Interestingly GDF-15, play significant roles through their release from different cellular sources and their implications in aging and health. GDF-15 is released by endothelial cells and is associated with conditions such as aging and anemia57,58. It is part of the senescence-associated secretory phenotype (SASP) released by senescent cells59,60,61,62, contributing to senescence induction and associated with longevity63. While IL-13 levels decrease with donor age, another study suggests that IL-13 promotes cellular senescence64and reports elevated IL-13 levels in the serum of older donors compared to younger ones65.

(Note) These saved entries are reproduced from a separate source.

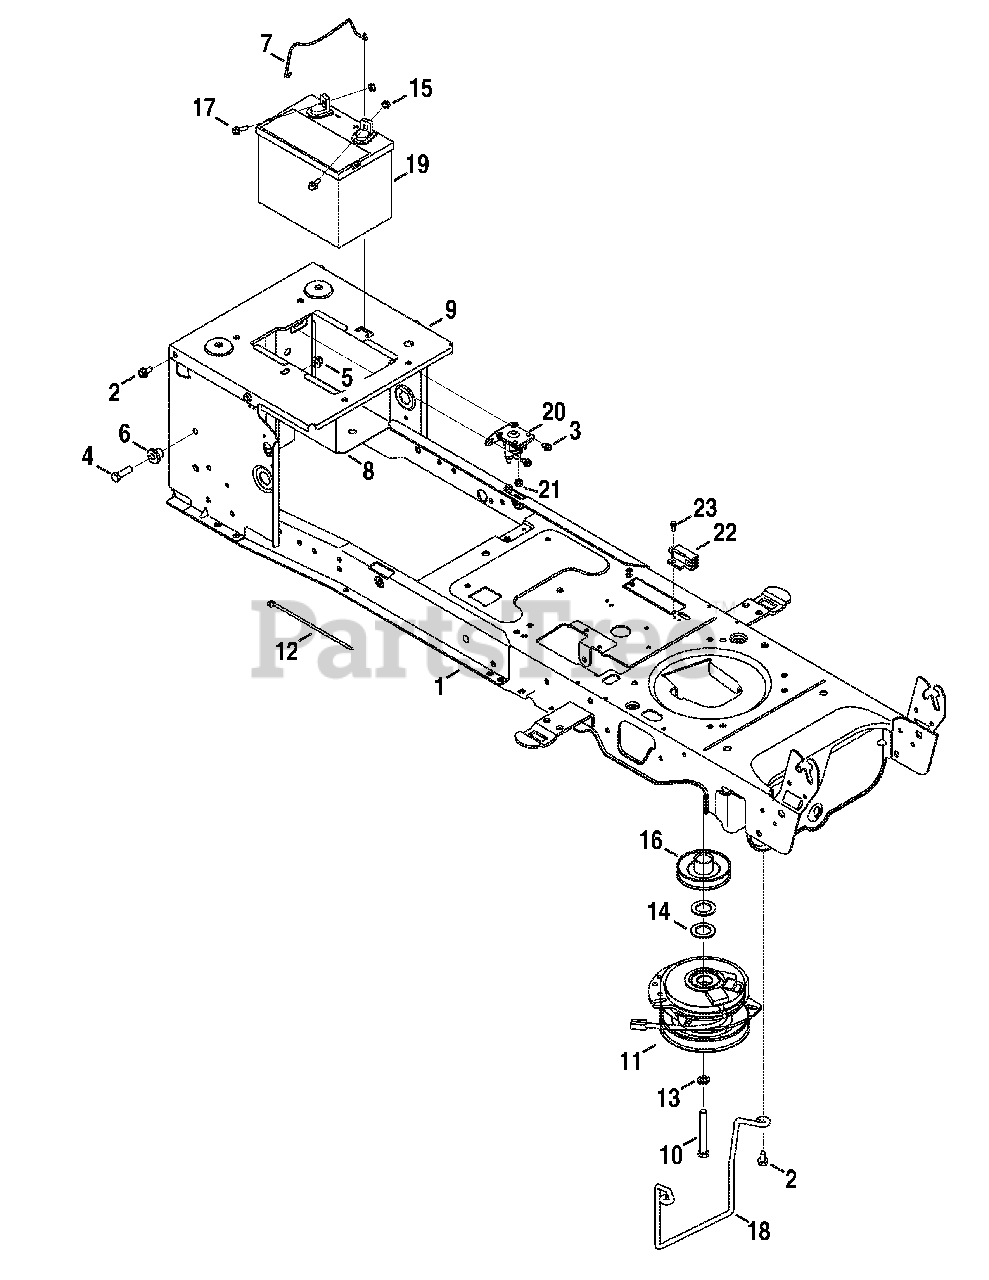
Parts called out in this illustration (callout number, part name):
1	Frame
2	Taptite Screw, Indented Washer, 5/16-18:.750
3	Taptite Screw, Indented Washer, 1/4-20:0.500
4	Hex Head Screw, 3/8-16:1.25
5	Flangelock Nut, 3/8-16
6	Shoulder Spacer, .38 X 1.0 X .70
7	Battery Holder Rod
8	Battery Tray
9	Seat Frame Bracket
10	Hex Head Screw, 7/16-20:3.50
11	Electric PTO Clutch
12	Cable Tie, 3/16 x .05 x 7.4
13	Lock Washer, 7/16
14	Flat Washer, 1.031 x 1.620 x .095
15	Sems Nut, 1/4-20
16	Electric PTO Engine Pulley
17	Hex Head Flange, 1/4-20 .75
18	Belt Guard
19	Battery
20	Solenoid, 12 V
21	Flangelock Nut, 1/4-20
22	Interlock Switch
23	Shoulder Screw, #10-32:.500

NGAL can be released by platelets and is predominantly produced by monocytes and neutrophils66,67. It has been implicated in various physiological processes, including brain aging, where its levels in urine were found to be higher in elderly men compared to elderly women (> 65 years old)68. This significant increase of NGAL level in AR compare to no AR could be explained. Moreocer, CX3 CL1 binds to von Willebrand receptor glycoprotein Ib69and integrins αvβ3 and αIIbβ369. Fractalkine mediates leukocyte adhesion to endothelium70with or without platelets, also involved in platelet activation and adhesion71, is potentially inducing vascular dysfunction and releasing superoxide anions.

These findings provide important insights into how the aging process affects the bioactive molecule composition of SDA-PC and suggest that the age of blood donors could influence the quality, yield and safety of transfusion products. This information is crucial for optimizing transfusion practices, particularly in the context of an aging population. Interestingly, the age and sex of donors may affect the survival of transfusion recipients, according to a Canadian study, while a Scandinavian study presents contrasting findings24,25,26. In these studies, red blood cell transfusions were examined. Our manuscript focuses on the impact of donor age and the contents of platelet concentrates on platelet concentrate transfusions, independent of the recipients’ age. Furthermore, in animal model, transfusion of younger blood rejuvenate aged mice recipient, for muscular regeneration18,19, vascular and neurogenic function20, cognitive function21 and so one.

Presence and potential interactions of these bioactive molecules with platelets and other immune cells highlight their significance in transfusion medicine. Understanding their roles in the context of aging and their impact on immune responses following transfusion is essential for optimizing transfusion practices and improving patient outcomes.